Division of Genetics, ICAR-Indian Agricultural Research Institute, New Delhi, India.
Division of Plant Physiology, ICAR-Indian Agricultural Research Institute, New Delhi, India.
PLoS One. 2021 Oct 1;16(10):e0255840. doi: 10.1371/journal.pone.0255840. eCollection 2021.

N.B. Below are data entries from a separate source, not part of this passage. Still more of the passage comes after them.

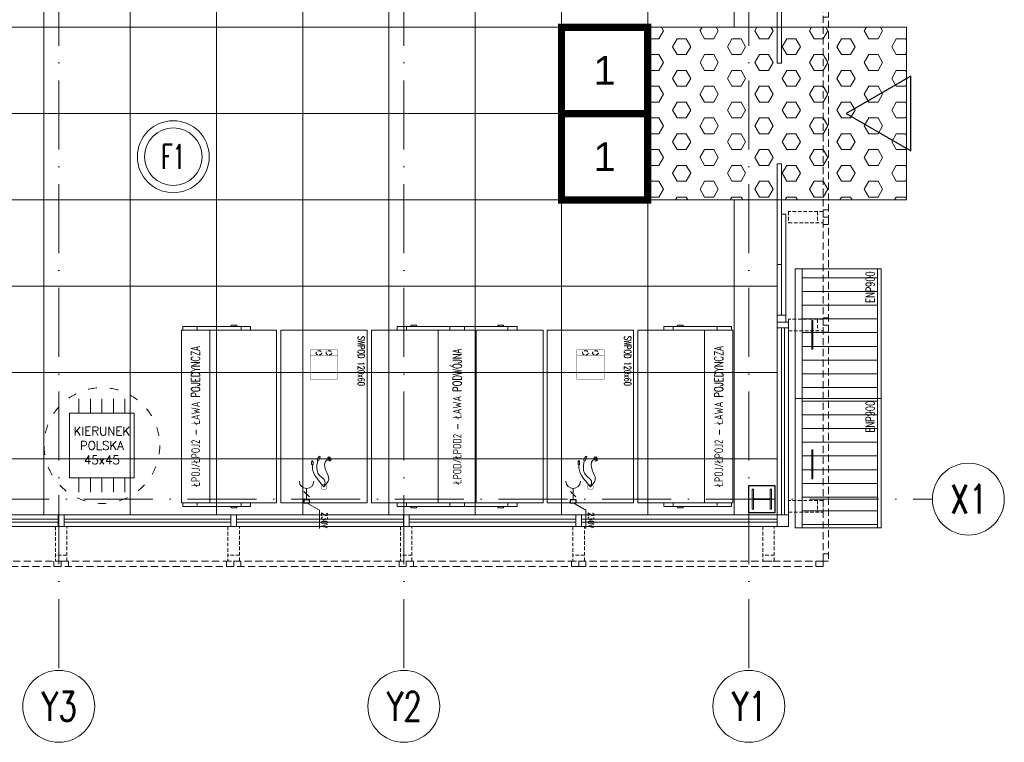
# Model space of a CAD drawing. Header units: millimetres. Extents: x -2074 to 12588, y -3630 to 101167.
# Tile 22 of 256: x 2663 to 3347, y -2620 to -2118. Entities that reach past the tile are written whole.
import ezdxf
from ezdxf.enums import TextEntityAlignment as Align

# ---------------------------------------------------------------- set-up
doc = ezdxf.new("R2010")
doc.units = ezdxf.units.MM
for name, pattern in [('02 ST--2001-80$0$DASHED', [0.75, 0.5, -0.25]), ('ACAD_ISO03W100', [30, 12, -18]), ('ACAD_ISO10W100', [18, 12, -3, 0, -3]), ('CONTINOUS', [0]), ('DASH', [0.75, 0.5, -0.25])]:
    doc.linetypes.add(name, pattern=pattern)
for name, color, linetype, lineweight in [('SelinAr__ELEWACJA_żaluzje', 7, 'Continuous', 18), ('SelinAr__ELEWACJA_żaluzje konstrukcja', 7, 'Continuous', 18), ('SelinAr_BUD_drzwi okna', 7, 'Continuous', 18), ('SelinAr_BUD_osie', 8, 'ACAD_ISO10W100', 18), ('SelinAr_BUD_posadzka', 7, 'Continuous', 20), ('SelinAr_BUD_posadzka okładziny ścienne', 5, 'Continuous', 20), ('SelinAr_BUD_ściany', 7, 'Continuous', 25), ('SelinAr_K_stal', 7, 'Continuous', 20), ('SelinAr_WYP_instalacje elektryczne', 8, 'Continuous', 18), ('SelinAr_WYP_meble', 8, 'Continuous', 18)]:
    doc.layers.add(name, color=color, linetype=linetype, lineweight=lineweight)
doc.styles.add('Arch-Dim', font='romans.shx', dxfattribs={"width": 0.75})
doc.styles.add('JACEK_07', font='SIMPLEX.SHX', dxfattribs={"width": 0.7})
doc.styles.add('RomanS', font='romans.shx')
doc.styles.get("Standard").update_dxf_attribs({"font": 'arial.ttf'})
doc.styles.add('style1', font='romans.shx', dxfattribs={"width": 0.6})

# ---------------------------------------------------------------- blocks, each defined once
blk = doc.blocks.new('*U390')
at = {"ltscale": 4}
blk.add_line((0, 50), (0, -1730), dxfattribs=at)
at = {"linetype": 'CONTINOUS'}
blk.add_circle((0, -1755), 25, dxfattribs=at)
at = {"linetype": 'ByBlock', "style": 'Arch-Dim', "width": 0.75}
blk.add_text('Y3', height=20, dxfattribs=at).set_placement((0.35, -1755), align=Align.MIDDLE)
blk = doc.blocks.new('*U391')
at = {"ltscale": 4}
blk.add_line((0, 50), (0, -1730), dxfattribs=at)
at = {"linetype": 'CONTINOUS'}
blk.add_circle((0, -1755), 25, dxfattribs=at)
at = {"linetype": 'ByBlock', "style": 'Arch-Dim', "width": 0.75}
blk.add_text('Y2', height=20, dxfattribs=at).set_placement((0.35, -1755), align=Align.MIDDLE)
blk = doc.blocks.new('*U392')
at = {"ltscale": 4}
blk.add_line((0, 50), (0, -1730), dxfattribs=at)
at = {"linetype": 'CONTINOUS'}
blk.add_circle((0, -1755), 25, dxfattribs=at)
at = {"style": 'Arch-Dim', "width": 0.75}
blk.add_text('Y1', height=20, dxfattribs=at).set_placement((0.35, -1755), align=Align.MIDDLE)
blk = doc.blocks.new('ENP900')
h = blk.add_hatch()
h.set_pattern_fill('ANSI31', color=256, scale=3, angle=225, style=0)
h.set_pattern_definition([(270, (-21204.567, -9422.822), (9.525, -2e-15), [])])
h.paths.add_polyline_path([(5452.48, 924.21), (5452.48, 976.51), (5364.49, 976.51), (5364.49, 924.21)])
for p, q in [((5362.48, 976.44), (5452.48, 976.44)), ((5362.48, 924.14), (5452.48, 924.14))]:
    blk.add_line(p, q)
for points in [[(5362.48, 921.44), (5452.48, 921.44), (5452.48, 981.44), (5362.48, 981.44)], [(5396.67, 969.17), (5416.67, 969.17), (5416.67, 969.67), (5396.67, 969.67)]]:
    blk.add_lwpolyline(points, close=True)
at = {"color": 242, "insert": (5439.87, 929.23, 0), "char_height": 6, "width": 78.7969, "attachment_point": 5, "style": 'JACEK_07'}
blk.add_mtext('ENP900', dxfattribs=at)
blk = doc.blocks.new('*U229')
at = {"linetype": 'Continuous'}
blk.add_blockref('ENP900', (-5362.48, -981.44), dxfattribs=at)
blk = doc.blocks.new('KIERUNEK POLSKA')
for p, q in [((-16, 22.5), (-16, 32.5)), ((-8, 22.5), (-8, 32.5)), ((0, 22.5), (0, 32.5)), ((8, 22.5), (8, 32.5)), ((16, 22.5), (16, 32.5)), ((-16, -22.5), (-16, -32.5)), ((-8, -22.5), (-8, -32.5)), ((0, -22.5), (0, -32.5)), ((8, -22.5), (8, -32.5)), ((16, -22.5), (16, -32.5))]:
    blk.add_line(p, q)
blk.add_lwpolyline([(-22.5, 22.5), (-22.5, -22.5), (22.5, -22.5), (22.5, 22.5)], close=True)
at = {"linetype": 'ACAD_ISO03W100', "ltscale": 0.5}
blk.add_circle((0, 0), 40.22, dxfattribs=at)
at = {"insert": (0, 0), "char_height": 6, "width": 59.7, "attachment_point": 5, "style": 'RomanS'}
blk.add_mtext('KIERUNEK\\PPOLSKA\\P45x45', dxfattribs=at)
blk = doc.blocks.new('*U355')
for p, q in [((0, -66.05), (0, 0)), ((120, 0), (0, 0)), ((120, -66.05), (120, 0)), ((-2.5, -17.96), (-2.5, -59.7)), ((-2.5, -17.96), (0, -17.96)), ((122.5, -17.96), (120, -17.96)), ((122.5, -17.96), (122.5, -59.7)), ((-2.5, -24.46), (0, -24.46)), ((0, -24.46), (-2.5, -24.46)), ((122.5, -24.46), (120, -24.46)), ((120, -24.46), (122.5, -24.46)), ((-3.5, -27.49), (-2.5, -27.49)), ((-3.5, -31.46), (-3.5, -27.49)), ((-3.5, -31.46), (-2.5, -31.46)), ((-2.5, -31.46), (-3.5, -31.46)), ((123.5, -27.49), (122.5, -27.49)), ((123.5, -31.46), (122.5, -31.46)), ((122.5, -31.46), (123.5, -31.46)), ((123.5, -31.46), (123.5, -27.49)), ((0, -46.42), (120, -46.42)), ((-2.5, -55.05), (0, -55.05)), ((-2.5, -65.05), (-2.5, -59.7)), ((122.5, -55.05), (120, -55.05)), ((122.5, -65.05), (122.5, -59.7)), ((-2.5, -65.05), (0, -65.05)), ((120, -66.05), (0, -66.05)), ((122.5, -65.05), (120, -65.05)), ((122.5, -65.05), (120, -65.05))]:
    blk.add_line(p, q)
at = {"color": 7, "insert": (60, -56.23), "char_height": 6, "width": 120, "attachment_point": 5, "style": 'JACEK_07'}
blk.add_mtext('ŁPOJ/ŁPOJ2 - ŁAWA POJEDYNCZA', dxfattribs=at)
blk = doc.blocks.new('*U148')
for p, q in [((0, 0), (0, -66.05)), ((120, 0), (0, 0)), ((120, 0), (120, -66.05)), ((-2.5, -1), (0, -1)), ((-2.5, -1), (-2.5, -6.35)), ((-2.5, -48.08), (-2.5, -6.35)), ((122.5, -1), (120, -1)), ((122.5, -1), (120, -1)), ((122.5, -1), (122.5, -6.35)), ((122.5, -48.08), (122.5, -6.35)), ((-2.5, -11), (0, -11)), ((122.5, -11), (120, -11)), ((0, -19.63), (120, -19.63)), ((-3.5, -34.59), (-2.5, -34.59)), ((-2.5, -34.59), (-3.5, -34.59)), ((-3.5, -34.59), (-3.5, -38.56)), ((-3.5, -38.56), (-2.5, -38.56)), ((123.5, -34.59), (122.5, -34.59)), ((122.5, -34.59), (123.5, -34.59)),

The root system architectures (RSAs) largely decide the phosphorus use efficiency (PUE) of plants by influencing the phosphorus uptake. Very limited information is available on wheat's RSAs and their deciding factors affecting phosphorus uptake efficiency (PupE) due to difficulties in adopting scoring values used for evaluating root traits. Based on our earlier research experience on nitrogen uptake efficiency screening under, hydroponics and soil-filled pot conditions, a comprehensive study on 182 Indian bread wheat genotypes was carried out under hydroponics with limited P (LP) and non-limiting P (NLP) conditions. The findings revealed a significant genetic variation, root traits correlation, and moderate to high heritability for RSAs traits namely primary root length (PRL), total root length (TRL), total root surface area (TSA), root average diameter (RAD), total root volume (TRV), total root tips (TRT) and total root forks (TRF). In LP, the expressions of TRL, TRV, TSA, TRT and TRF were enhanced while PRL and RAD were diminished. An almost similar pattern of correlations among the RSAs was also observed in both conditions except for RAD. RAD exhibited significant negative correlations with PRL, TRL, TSA, TRT and TRF under LP (r = -0.45, r = -0.35, r = -0.16, r = -0.30, and r = -0.28 respectively). The subclass of TRL, TSA, TRV and TRT representing the 0-0.5 mm diameter had a higher root distribution percentage in LP than NLP. Comparatively wide range of H' value i.e. 0.43 to 0.97 in LP than NLP indicates that expression pattern of these traits are highly influenced by the level of P. In which, RAD (0.43) expression was reduced in LP, and expressions of TRF (0.91) and TSA (0.97) were significantly enhanced. The principal component analysis for grouping of traits and genotypes over LP and NLP revealed a high PC1 score indicating the presence of non-crossover interactions. Based on the comprehensive P response index value (CPRI value), the top five highly P efficient wheat genotypes namely BW 181, BW 103, BW 104, BW 143 and BW 66, were identified. Considering the future need for developing resource-efficient wheat varieties, these genotypes would serve as valuable genetic sources for improving P efficiency in wheat cultivars. This set of genotypes would also help in understanding the genetic architecture of a complex trait like P use efficiency.
根系结构(RSAs)在很大程度上通过影响磷的吸收来决定植物的磷利用效率(PUE)。由于采用评估根系特征的评分值存在困难,因此有关小麦 RSAs 及其决定磷吸收效率(PupE)的因素的信息非常有限。根据我们之前在水培和土壤盆栽条件下对氮吸收效率筛选的研究经验,在水培条件下对 182 个印度面包小麦基因型进行了综合研究,其中包括有限磷(LP)和非限制磷(NLP)条件。研究结果表明,在 LP 条件下,PRL、TRL、TRV、TSA、RAD、TRT 和 TRF 的表达增强,而 PRL 和 RAD 减少。在 LP 条件下,根长、总根长、总根表面积、根平均直径、总根体积、总根尖和总根叉等 RSA 性状均表现出显著的遗传变异、根性状相关性和较高的遗传力。除 RAD 外,两种条件下的 RSA 之间也存在几乎相似的相关性模式。在 LP 条件下,RAD 与 PRL、TRL、TSA、TRT 和 TRF 呈显著负相关(r = -0.45、r = -0.35、r = -0.16、r = -0.30、r = -0.28)。在 LP 条件下,0-0.5mm 直径的 TRL、TSA、TRV 和 TRT 亚类的根分布百分比高于 NLP。LP 中 H'值的范围较宽,即 0.43 至 0.97,表明这些性状的表达模式受 P 水平的影响很大。其中,RAD(0.43)在 LP 中表达减少,TRF(0.91)和 TSA(0.97)的表达显著增强。基于 LP 和 NLP 条件下对性状和基因型的分组的主成分分析显示,PC1 得分较高,表明存在非交叉相互作用。根据综合磷响应指数值(CPRI 值),鉴定出 5 个高磷效率小麦基因型,即 BW 181、BW 103、BW 104、BW 143 和 BW 66。考虑到未来开发资源高效小麦品种的需要,这些基因型将作为提高小麦品种磷效率的有价值的遗传资源。这组基因型也将有助于了解磷利用效率等复杂性状的遗传结构。